Anything goes here, and the performers all fare well as long as they realize it. O'Connell plays Robert too straight, too on-the-level, to avoid getting swallowed up by his costars; Robert's supposed to be an opera devotee himself, but lacks the touch of crazy that would make him a believable diva worshiper. Chlumsky is much more of a delight, first appearing staid and businesslike and revealing her inner zany only gradually as Iris gets caught up in the De Angelis's black hole. Blake Hammond and Scott Robertson have tiny roles as servants, but play them with just the right balance of wry stuffiness that shows you about how real anyone can remain when they're wiling away their lives around this kind of larger-than-life couple. (They also get a choice running gag involving them changing the scene, and vocalizing themselves, in between scenes.)

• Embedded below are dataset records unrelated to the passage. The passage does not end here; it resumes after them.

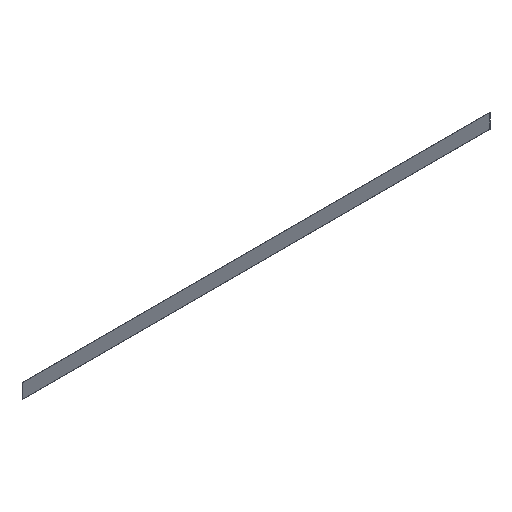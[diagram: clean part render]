
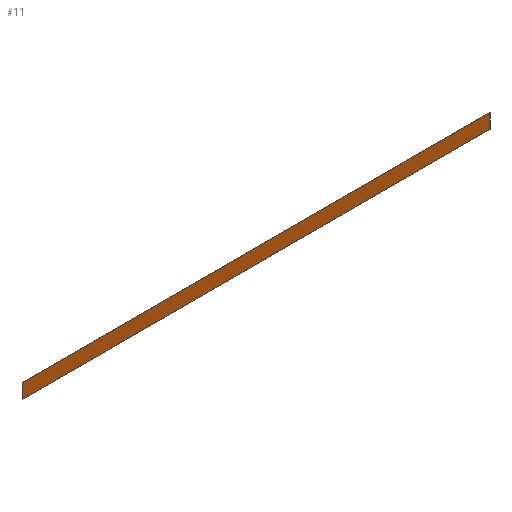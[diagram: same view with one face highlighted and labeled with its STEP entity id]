
A CAD part, isometric view. The second image highlights one B-rep face of the part: STEP entity #11.
In plain terms, the highlighted planar face has unit normal (0, -1, 0).
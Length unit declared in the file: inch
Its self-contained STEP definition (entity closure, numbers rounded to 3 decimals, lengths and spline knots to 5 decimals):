
#4 = VECTOR ( 'NONE', #112, 39.37008 ) ;
#5 = VERTEX_POINT ( 'NONE', #10 ) ;
#10 = CARTESIAN_POINT ( 'NONE',  ( 8., 0., 0.25 ) ) ;
#11 = ADVANCED_FACE ( 'NONE', ( #188 ), #23, .T. ) ;
#13 = CARTESIAN_POINT ( 'NONE',  ( 0., 0., 0. ) ) ;
#17 = DIRECTION ( 'NONE',  ( -1., 0., 0. ) ) ;
#23 = PLANE ( 'NONE',  #170 ) ;
#31 = CARTESIAN_POINT ( 'NONE',  ( 8., 0., 0.25 ) ) ;
#35 = VECTOR ( 'NONE', #17, 39.37008 ) ;
#37 = VECTOR ( 'NONE', #146, 39.37008 ) ;
#44 = VECTOR ( 'NONE', #193, 39.37008 ) ;
#50 = VERTEX_POINT ( 'NONE', #122 ) ;
#51 = LINE ( 'NONE', #132, #44 ) ;
#71 = DIRECTION ( 'NONE',  ( 0., 0., -1. ) ) ;
#72 = CARTESIAN_POINT ( 'NONE',  ( -8., 0., 0.25 ) ) ;
#74 = CARTESIAN_POINT ( 'NONE',  ( -8., 0., -0.25 ) ) ;
#78 = ORIENTED_EDGE ( 'NONE', *, *, #145, .F. ) ;
#106 = ORIENTED_EDGE ( 'NONE', *, *, #128, .F. ) ;
#112 = DIRECTION ( 'NONE',  ( 0., 0., -1. ) ) ;
#118 = ORIENTED_EDGE ( 'NONE', *, *, #163, .F. ) ;
#119 = EDGE_LOOP ( 'NONE', ( #78, #172, #106, #118 ) ) ;
#122 = CARTESIAN_POINT ( 'NONE',  ( 8., 0., -0.25 ) ) ;
#125 = DIRECTION ( 'NONE',  ( 0., -1., 0. ) ) ;
#128 = EDGE_CURVE ( 'NONE', #156, #183, #51, .T. ) ;
#129 = LINE ( 'NONE', #31, #4 ) ;
#132 = CARTESIAN_POINT ( 'NONE',  ( -8., 0., 0.25 ) ) ;
#133 = CARTESIAN_POINT ( 'NONE',  ( -8., 0., -0.25 ) ) ;
#145 = EDGE_CURVE ( 'NONE', #5, #50, #129, .T. ) ;
#146 = DIRECTION ( 'NONE',  ( 1., 0., 0. ) ) ;
#147 = LINE ( 'NONE', #74, #35 ) ;
#149 = LINE ( 'NONE', #177, #37 ) ;
#156 = VERTEX_POINT ( 'NONE', #133 ) ;
#163 = EDGE_CURVE ( 'NONE', #50, #156, #147, .T. ) ;
#170 = AXIS2_PLACEMENT_3D ( 'NONE', #13, #125, #71 ) ;
#172 = ORIENTED_EDGE ( 'NONE', *, *, #184, .F. ) ;
#177 = CARTESIAN_POINT ( 'NONE',  ( -8., 0., 0.25 ) ) ;
#183 = VERTEX_POINT ( 'NONE', #72 ) ;
#184 = EDGE_CURVE ( 'NONE', #183, #5, #149, .T. ) ;
#188 = FACE_OUTER_BOUND ( 'NONE', #119, .T. ) ;
#193 = DIRECTION ( 'NONE',  ( 0., 0., 1. ) ) ;

Whether anyone in the De Angelis's positions could be real—or would even want to be—is an open question, and one that DiPietro essentially forgoes in favor of a conventional romance with as few sharp edges as possible. There's no blood drawn here, and no chances taken, and thus the play is as ultimately forgettable as it is in-the-moment enjoyable. Even so, Living on Love doesn't pretend to be more than it is: a vehicle for a great star in one medium to try her hand in another. For those of us who don't get to the opera much, it's a pleasure to watch Fleming glide so easily into that responsibility, even if she doesn't have much to sink her teeth into once she arrives.